» **Task directions**: Can you write out every line from the start of the records below through the line containing "IFC2X3 demands one", leaving out any pictures?

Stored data
──────
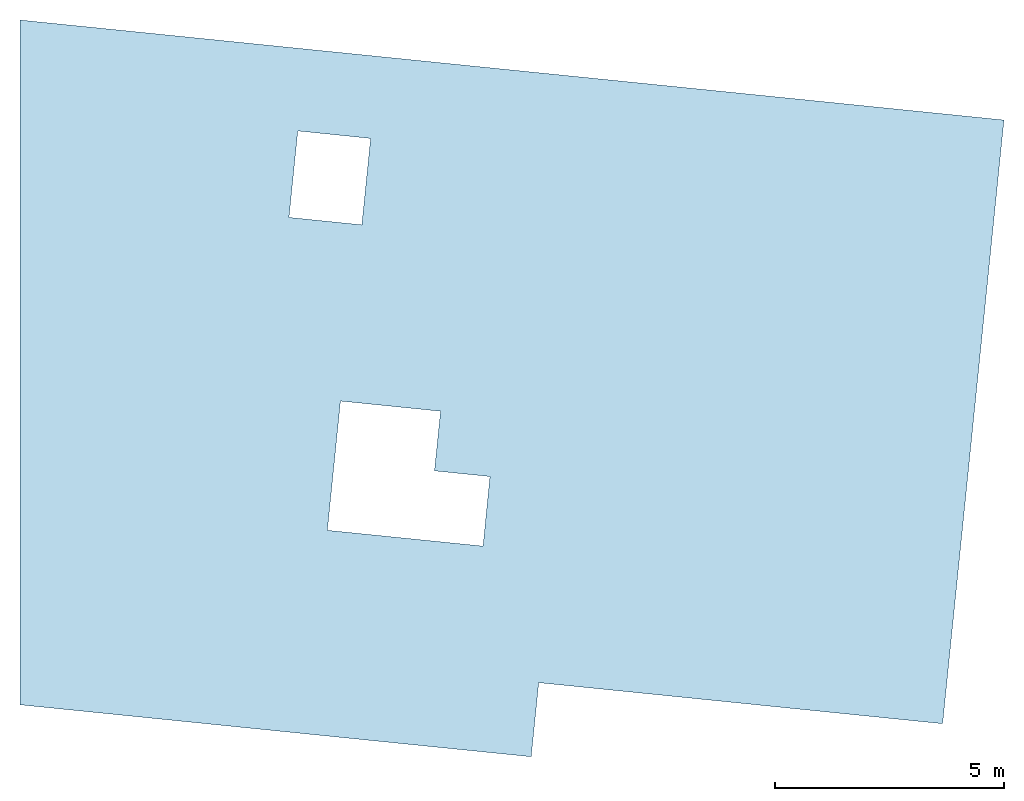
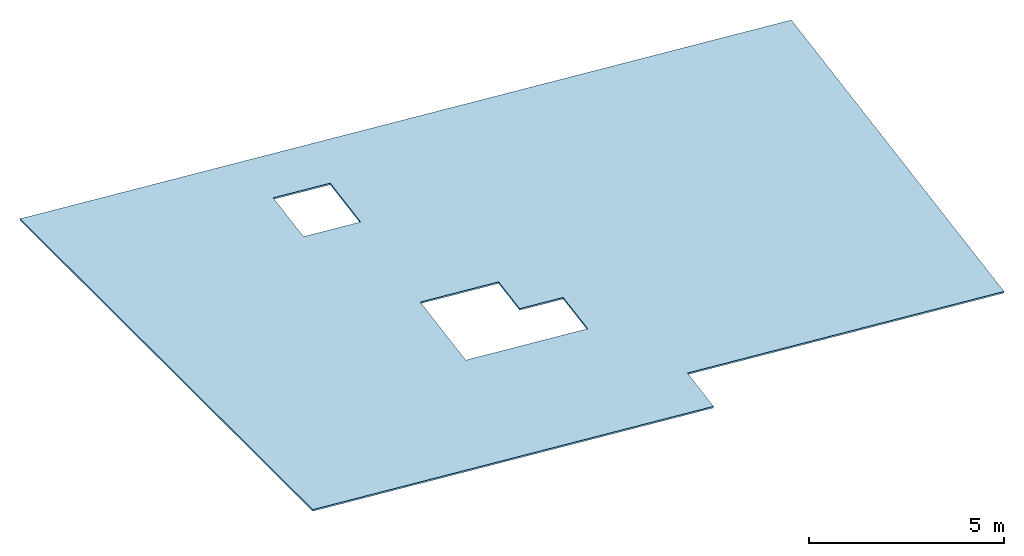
# One storey: 1 slab.
"""IFC2X3 building model written with IfcOpenShell, lengths in millimetres."""

import ifcopenshell
import ifcopenshell.guid

model = None  # the IFC model being written
_history = None  # IfcOwnerHistory: only IFC2X3 demands one
_inside = {}  # id of a spatial element -> (the spatial element, [elements in it])
_under = {}  # id of a project, library or spatial element -> (it, [spatial elements below it])
_declared = {}  # id of a project -> (the project, [libraries it declares])
_typed = {}  # id of a type object -> (the type object, [elements of that type])
_made_of = {}  # id of a material, layer set ... -> (it, [elements and type objects made of it])


def new_model(schema):
    """Start an empty IFC model of exactly this schema.

    Asked for "IFC4X3", IfcOpenShell would pick the latest addendum, in which some entities
    have other attributes; the version numbers below select the first issue.
    IFC2X3 requires an IfcOwnerHistory on every rooted entity: one is made here for all.
    """
    global model, _history
    if schema == "IFC4X3":
        model = ifcopenshell.file(schema_version=(4, 3, 0, 0))
    else:
        model = ifcopenshell.file(schema=schema)
    _inside.clear()
    _under.clear()
    _declared.clear()
    _typed.clear()
    _made_of.clear()
    _history = None
    if model.schema == "IFC2X3":
        org = make("IfcOrganization", Name="unknown")
        user = make(
            "IfcPersonAndOrganization",
            ThePerson=make("IfcPerson", FamilyName="unknown"),
            TheOrganization=org,
        )
        app = make(
            "IfcApplication",
            ApplicationDeveloper=org,
            Version="unknown",
            ApplicationFullName="unknown",
            ApplicationIdentifier="unknown",
        )
        _history = make(
            "IfcOwnerHistory",
            OwningUser=user,
            OwningApplication=app,
            ChangeAction="ADDED",
            CreationDate=0,
        )
    return model


def make(cls, **values):
    """One entity of the class cls with the attributes given. An attribute that is None is left unset."""
    return model.create_entity(
        cls, **{name: value for name, value in values.items() if value is not None}
    )


def entity(cls, *values):
    """Any entity or typed value of the class cls, its attributes in the order of the schema. None: left unset."""
    e = model.create_entity(cls)
    for i, value in enumerate(values):
        if value is not None:
            e[i] = value
    return e


def rooted(cls, **values):
    """An entity with a GlobalId (a new one), such as an element, a storey or a relation."""
    return make(cls, GlobalId=ifcopenshell.guid.new(), OwnerHistory=_history, **values)


def si_unit(unit_type, name, prefix=None):
    """IfcSIUnit, for example si_unit("LENGTHUNIT", "METRE", prefix="MILLI")."""
    return make("IfcSIUnit", UnitType=unit_type, Prefix=prefix, Name=name)


def converted_unit(unit_type, name, factor, base, dimensions=None, offset=None):
    """IfcConversionBasedUnit, such as the inch: factor (a typed value) times the base unit."""
    return make(
        "IfcConversionBasedUnit"
        if offset is None
        else "IfcConversionBasedUnitWithOffset",
        ConversionOffset=offset,
        Dimensions=None
        if dimensions is None
        else entity("IfcDimensionalExponents", *dimensions),
        UnitType=unit_type,
        Name=name,
        ConversionFactor=make(
            "IfcMeasureWithUnit", ValueComponent=factor, UnitComponent=base
        ),
    )


def derived_unit(unit_type, elements):
    """IfcDerivedUnit: a product of units, each with its exponent."""
    return make(
        "IfcDerivedUnit",
        Elements=[
            make("IfcDerivedUnitElement", Unit=unit, Exponent=power)
            for unit, power in elements
        ],
        UnitType=unit_type,
    )


def money_unit(currency):
    """IfcMonetaryUnit."""
    return make("IfcMonetaryUnit", Currency=currency)


def assignment(units):
    """IfcUnitAssignment: the units of a project."""
    return None if units is None else make("IfcUnitAssignment", Units=units)


def point(xyz):
    """IfcCartesianPoint."""
    return None if xyz is None else make("IfcCartesianPoint", Coordinates=xyz)


def direction(xyz):
    """IfcDirection."""
    return None if xyz is None else make("IfcDirection", DirectionRatios=xyz)


def frame(location, z_axis=None, x_axis=None):
    """IfcAxis2Placement3D, a coordinate frame: its origin and axes. An axis left out is left unset."""
    return make(
        "IfcAxis2Placement3D",
        Location=point(location),
        Axis=direction(z_axis),
        RefDirection=direction(x_axis),
    )


def origin_with_axes():
    """The frame at (0, 0, 0) with the z axis (0, 0, 1) and the x axis (1, 0, 0) written out."""
    return frame((0.0, 0.0, 0.0), z_axis=(0.0, 0.0, 1.0), x_axis=(1.0, 0.0, 0.0))


def place(relative_to, where):
    """IfcLocalPlacement: puts the frame where relative to a parent placement (None: the world)."""
    return make(
        "IfcLocalPlacement", PlacementRelTo=relative_to, RelativePlacement=where
    )


def context(
    kind, dimensions, precision=None, world=None, true_north=None, identifier=None
):
    """IfcGeometricRepresentationContext, for example the 3D "Model" context."""
    return make(
        "IfcGeometricRepresentationContext",
        ContextIdentifier=identifier,
        ContextType=kind,
        CoordinateSpaceDimension=dimensions,
        Precision=precision,
        WorldCoordinateSystem=world,
        TrueNorth=true_north,
    )


def subcontext(parent, identifier, kind, view, scale=None):
    """IfcGeometricRepresentationSubContext, for example "Body" below "Model"."""
    return make(
        "IfcGeometricRepresentationSubContext",
        ContextIdentifier=identifier,
        ContextType=kind,
        ParentContext=parent,
        TargetScale=scale,
        TargetView=view,
    )


def project(units=None, contexts=None):
    """IfcProject with its units and contexts."""
    return rooted(
        "IfcProject",
        Name="project",
        RepresentationContexts=contexts,
        UnitsInContext=assignment(units),
    )


def spatial(cls, under=None, at=None, **own):
    """A site, building, storey or space (cls), placed at a placement, below another one or the project."""
    s = rooted(cls, ObjectPlacement=at, **own)
    if under is not None:
        _under.setdefault(under.id(), (under, []))[1].append(s)
    return s


def polyline(points):
    """IfcPolyline through the points."""
    return make("IfcPolyline", Points=[point(p) for p in points])


def outline(outer, holes=None, kind="AREA"):
    """IfcArbitraryClosedProfileDef: a profile drawn as a closed curve; with holes, ...WithVoids."""
    if holes is None:
        return make("IfcArbitraryClosedProfileDef", ProfileType=kind, OuterCurve=outer)
    return make(
        "IfcArbitraryProfileDefWithVoids",
        ProfileType=kind,
        OuterCurve=outer,
        InnerCurves=holes,
    )


def extrude(swept, where, along, depth):
    """IfcExtrudedAreaSolid: the profile swept, set in the frame where, extruded along a direction by depth."""
    return make(
        "IfcExtrudedAreaSolid",
        SweptArea=swept,
        Position=where,
        ExtrudedDirection=direction(along),
        Depth=depth,
    )


def shape(context_of_items, identifier, shape_type, items):
    """IfcShapeRepresentation: the items that make up one representation, for example the "Body"."""
    return make(
        "IfcShapeRepresentation",
        ContextOfItems=context_of_items,
        RepresentationIdentifier=identifier,
        RepresentationType=shape_type,
        Items=items,
    )


def material(Name=None, Category=None):
    """IfcMaterial."""
    return make("IfcMaterial", Name=Name, Category=Category)


def layer(
    of_material, thickness, ventilated=None, Name=None, Category=None, Priority=None
):
    """IfcMaterialLayer: one layer of a wall or slab, of a material (None: an air gap)."""
    return make(
        "IfcMaterialLayer",
        Material=of_material,
        LayerThickness=thickness,
        IsVentilated=ventilated,
        Name=Name,
        Category=Category,
        Priority=Priority,
    )


def layer_set(layers, Name=None):
    """IfcMaterialLayerSet."""
    return make("IfcMaterialLayerSet", MaterialLayers=layers, LayerSetName=Name)


def layer_usage(for_layer_set, set_direction, sense, offset, extent=None):
    """IfcMaterialLayerSetUsage: how a layer set lies in its element."""
    return make(
        "IfcMaterialLayerSetUsage",
        ForLayerSet=for_layer_set,
        LayerSetDirection=set_direction,
        DirectionSense=sense,
        OffsetFromReferenceLine=offset,
        ReferenceExtent=extent,
    )


def made_of(thing, what):
    """Note that an element or type object is made of a material, layer set ...; save() writes the relation."""
    if what is not None:
        _made_of.setdefault(what.id(), (what, []))[1].append(thing)
    return thing


def type_object(cls, material=None, **own):
    """A type object (cls), such as IfcWallType, which elements share."""
    return made_of(rooted(cls, **own), material)


def element(
    cls,
    number,
    at=None,
    inside=None,
    cuts=None,
    type_object=None,
    material=None,
    context=None,
    identifier="Body",
    shape_type=None,
    held_by="IfcProductDefinitionShape",
    body=None,
    shapes=None,
    **own,
):
    """One element of the class cls, such as IfcWall. Its Tag is "e" and its number.

    at: its placement. inside: the storey or other place that contains it. cuts: it is an
    opening in that element (IfcRelVoidsElement). A single representation is given by context,
    identifier, shape_type and body (its items); several are given by shapes. held_by: the class
    of the entity that holds the representations. save() writes the other relations.
    """
    e = rooted(cls, Tag="e%d" % number, ObjectPlacement=at, **own)
    if body is not None:
        shapes = [shape(context, identifier, shape_type, body)]
    if shapes is not None:
        e.Representation = make(held_by, Representations=shapes)
    if inside is not None:
        _inside.setdefault(inside.id(), (inside, []))[1].append(e)
    if cuts is not None:
        rooted(
            "IfcRelVoidsElement", RelatingBuildingElement=cuts, RelatedOpeningElement=e
        )
    if type_object is not None:
        _typed.setdefault(type_object.id(), (type_object, []))[1].append(e)
    return made_of(e, material)


def aggregate(whole, parts):
    """IfcRelAggregates: a whole, such as a stair, and the parts it consists of."""
    return rooted("IfcRelAggregates", RelatingObject=whole, RelatedObjects=parts)


def save(model, path):
    """Write the relations noted so far, then the file.

    IfcRelAggregates (storeys below a building ...), IfcRelContainedInSpatialStructure (elements
    in a storey), IfcRelDefinesByType, IfcRelAssociatesMaterial and IfcRelDeclares: one each for
    every whole, place, type object, material and project.
    """
    for whole, parts in _under.values():
        aggregate(whole, parts)
    for where, things in _inside.values():
        rooted(
            "IfcRelContainedInSpatialStructure",
            RelatedElements=things,
            RelatingStructure=where,
        )
    for kind, things in _typed.values():
        rooted("IfcRelDefinesByType", RelatedObjects=things, RelatingType=kind)
    for what, things in _made_of.values():
        rooted("IfcRelAssociatesMaterial", RelatedObjects=things, RelatingMaterial=what)
    for by, libraries in _declared.values():
        rooted("IfcRelDeclares", RelatingContext=by, RelatedDefinitions=libraries)
    model.write(path)


model = new_model("IFC2X3")

# Units and contexts
model_context = context("Model", 3, precision=0.01, world=origin_with_axes(), true_north=direction((0.0, 1.0)))
body_context = subcontext(model_context, "Body", "Model", "MODEL_VIEW")
ifc_project = project(units=[si_unit("LENGTHUNIT", "METRE", prefix="MILLI"), si_unit("AREAUNIT", "SQUARE_METRE"), si_unit("VOLUMEUNIT", "CUBIC_METRE"), converted_unit("PLANEANGLEUNIT", "DEGREE", entity("IfcPlaneAngleMeasure", 0.0174532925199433), si_unit("PLANEANGLEUNIT", "RADIAN"), dimensions=[0, 0, 0, 0, 0, 0, 0]), money_unit("USD"), converted_unit("TIMEUNIT", "Year", entity("IfcTimeMeasure", 31557600.0), si_unit("TIMEUNIT", "SECOND"), dimensions=[0, 0, 1, 0, 0, 0, 0]), si_unit("MASSUNIT", "GRAM", prefix="KILO"), si_unit("THERMODYNAMICTEMPERATUREUNIT", "DEGREE_CELSIUS"), si_unit("LUMINOUSINTENSITYUNIT", "LUMEN"), si_unit("ENERGYUNIT", "JOULE", prefix="MEGA"), derived_unit("THERMALCONDUCTANCEUNIT", [(si_unit("POWERUNIT", "WATT"), 1), (si_unit("LENGTHUNIT", "METRE"), -1), (si_unit("THERMODYNAMICTEMPERATUREUNIT", "KELVIN"), -1)]), derived_unit("SPECIFICHEATCAPACITYUNIT", [(si_unit("ENERGYUNIT", "JOULE"), 1), (si_unit("MASSUNIT", "GRAM", prefix="KILO"), -1), (si_unit("THERMODYNAMICTEMPERATUREUNIT", "KELVIN"), -1)]), derived_unit("MASSDENSITYUNIT", [(si_unit("MASSUNIT", "GRAM", prefix="KILO"), 1), (si_unit("VOLUMEUNIT", "CUBIC_METRE"), -1)])], contexts=[model_context])

# Site, building, storey
site_placement = place(None, origin_with_axes())
site = spatial("IfcSite", under=ifc_project, at=site_placement, Name="Site", CompositionType="ELEMENT")
building_placement = place(site_placement, origin_with_axes())
building = spatial("IfcBuilding", under=site, at=building_placement, Name="Bâtiment", CompositionType="ELEMENT")
storey_placement = place(building_placement, origin_with_axes())
storey = spatial("IfcBuildingStorey", under=building, at=storey_placement, Name="cadastre", CompositionType="ELEMENT", Elevation=0.0)

# Slab
ifc_material = material(Name="100 % (2) 313493396")
ifc_layer = layer(ifc_material, 50.0, ventilated="UNKNOWN")
ifc_layer_set = layer_set([ifc_layer], Name="dalle 5")
ifc_layer_usage = layer_usage(ifc_layer_set, "AXIS3", "NEGATIVE", 50.0)
slab_type = type_object("IfcSlabType", Name="dalle 5 50", PredefinedType="FLOOR")
slab_placement = place(storey_placement, frame((2218314.233344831, -617327.5058083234, 2300.0), z_axis=(0.0, 0.0, 1.0), x_axis=(1.0, 0.0, 0.0)))
element("IfcSlab", 1, at=slab_placement, inside=storey, type_object=slab_type, material=ifc_layer_usage, Name="Dalle-033", PredefinedType="FLOOR", context=body_context, shape_type="SweptSolid", body=[
    extrude(outline(polyline([(0.0, 0.0), (-2.273736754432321e-10, -3351.655315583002), (11180.38566942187, -4487.85026044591), (11345.02077082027, -2867.807910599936), (15262.83368136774, -3265.951530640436), (20177.97953945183, -3765.448063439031), (21519.78244697, 9438.161111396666), (21161.33144167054, 9474.588318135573), (11938.66842440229, 10411.83175572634), (8028.554303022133, 10809.19299440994), (6078.597458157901, 11007.35530967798), (3.410605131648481e-10, 11625.08638873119), (3.410605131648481e-10, 9980.117907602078), (0.0, 0.0)]), holes=[polyline([(7475.394711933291, 7146.350591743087), (5883.593205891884, 7308.115747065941), (6075.689334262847, 9198.380098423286), (7667.306564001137, 9034.801627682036), (7475.394711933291, 7146.350591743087)]), polyline([(10126.14959585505, 119.6743454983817), (6722.521560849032, 465.5644678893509), (7009.637444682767, 3290.84223170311), (9196.685406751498, 3068.585780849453), (9064.132707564, 1764.240508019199), (10277.88128948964, 1640.89392365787), (10126.14959585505, 119.6743454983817)])]), frame((0.0, 0.0, -50.0), z_axis=(0.0, 0.0, 1.0), x_axis=(1.0, 0.0, 0.0)), (0.0, 0.0, 1.0), 50.0),
])

save(model, "model.ifc")
──────
» **Answer box**:
# One storey: 1 slab.
"""IFC2X3 building model written with IfcOpenShell, lengths in millimetres."""

import ifcopenshell
import ifcopenshell.guid

model = None  # the IFC model being written
_history = None  # IfcOwnerHistory: only IFC2X3 demands one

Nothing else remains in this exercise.